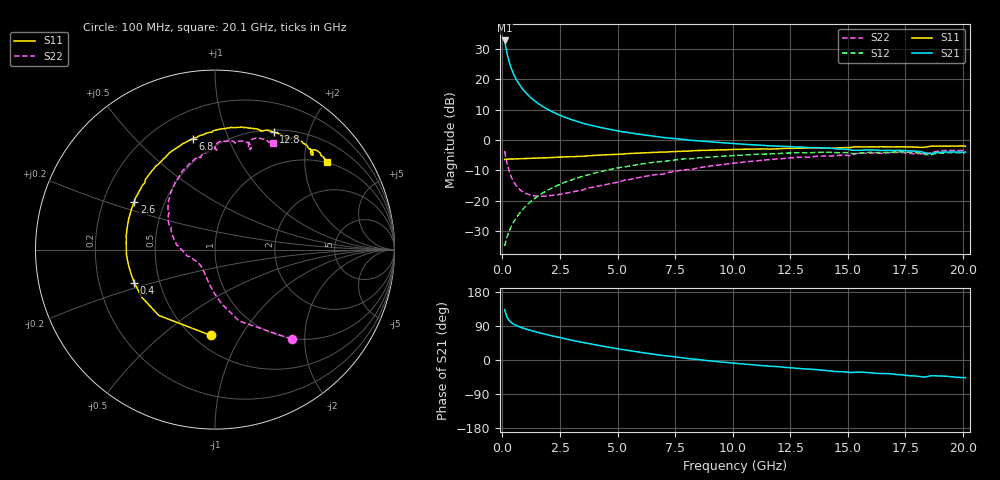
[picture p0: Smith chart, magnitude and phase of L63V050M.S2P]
!  Infineon Technologies AG
! BFR380L3 , PF131585-7, No.6, Th 09.10.01, soldered on pcb-board, measured with PP GSG850
!  Vce=3.0 V,  Ic=50.0 mA
! Common Emitter S-Parameters:  15. November 2001
#  GHz  S  MA  R  50
! f  S11  S21  S12  S22
! GHz  Mag  Ang  Mag  Ang  Mag  Ang  Mag  Ang
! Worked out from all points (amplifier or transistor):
!   201 points, 100 MHz to 20.1 GHz, reference 50 ohm
!   highest |S21| = 32.8 dB at 100 MHz (marker M1)
!   |S21| within 3 dB of that: start of sweep to 173.5 MHz
!   unconditionally stable (mu >= 1): 947.2 MHz to 4.182 GHz
!   at 3.4 GHz: K = 1.02, MAG = 8.2 dB, |S12| = -12.1 dB
!   at 10.1 GHz: K = 0.95, MSG = 1.9 dB, |S12| = -5.1 dB
!   at 20.1 GHz: K = 0.99, MSG = 0.1 dB, |S12| = -4.1 dB
!   S11 on the Smith chart (normalised r, x): 100 MHz: 0.60, -0.75; 400 MHz: 0.36, -0.17; 2.6 GHz: 0.33, +0.25; 6.8 GHz: 0.37, +0.75; 12.8 GHz: 0.53, +1.49; 20.1 GHz: 0.99, +2.57
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0.1  0.4783 -92.9  43.52 132.9  0.01786 62.9  0.6566 -49.4
0.2  0.4824 -130.5  27.2 113.3  0.02516 57.7  0.4196 -71.4
0.3  0.4868 -147.2  19.23 104.2  0.03173 60.7  0.3044 -83.0
0.4  0.4862 -157.6  14.77 98.5  0.03849 63.1  0.2412 -91.2
0.5  0.487 -164.1  11.95 94.4  0.04507 64.8  0.2031 -97.6
0.6  0.4891 -169.3  10.02 91.3  0.05192 66.6  0.178 -103.0
0.7  0.4917 -173.4  8.647 88.7  0.05871 67.7  0.1605 -107.9
0.8  0.4939 -176.8  7.599 86.2  0.06597 68.4  0.1481 -112.0
0.9  0.4941 -179.4  6.771 84.1  0.07297 68.8  0.139 -115.8
1  0.4948 177.8  6.117 82.2  0.08009 69.1  0.1327 -119.4
1.3  0.5008 171.1  4.743 76.8  0.1015 69.0  0.1221 -128.4
1.6  0.505 165.2  3.884 71.9  0.1232 68.1  0.1189 -135.7
2  0.5114 158.4  3.144 65.9  0.1514 66.3  0.1207 -143.8
2.6  0.523 149.3  2.466 57.7  0.1932 62.8  0.13 -154.0
3.5  0.5393 136.8  1.889 46.2  0.2539 56.7  0.1498 -165.5
5.1  0.583 118.4  1.393 28.5  0.3527 45.2  0.2046 174.2
6.8  0.6299 101.4  1.124 13.2  0.4398 33.2  0.2723 154.0
10.1  0.6991 77.3  0.868 -8.6  0.5574 11.4  0.4181 124.4
12.8  0.7326 63.4  0.768 -22.1  0.6158 -5.3  0.5182 102.4
13.5  0.7357 60.2  0.7484 -24.9  0.6212 -9.2  0.5304 98.0
16.8  0.7691 47.7  0.6738 -36.0  0.6271 -25.1  0.6186 77.4
20.1  0.7911 38.0  0.6329 -46.5  0.6203 -38.7  0.6751 61.5
========================
● Your objective:
From the data above, output only the lines between the line containing "Worked out from" and the line containing "dB, |S12| = -4.1 dB", inclusive, exactly as written.

● Answer for the task:
! Worked out from all points (amplifier or transistor):
!   201 points, 100 MHz to 20.1 GHz, reference 50 ohm
!   highest |S21| = 32.8 dB at 100 MHz (marker M1)
!   |S21| within 3 dB of that: start of sweep to 173.5 MHz
!   unconditionally stable (mu >= 1): 947.2 MHz to 4.182 GHz
!   at 3.4 GHz: K = 1.02, MAG = 8.2 dB, |S12| = -12.1 dB
!   at 10.1 GHz: K = 0.95, MSG = 1.9 dB, |S12| = -5.1 dB
!   at 20.1 GHz: K = 0.99, MSG = 0.1 dB, |S12| = -4.1 dB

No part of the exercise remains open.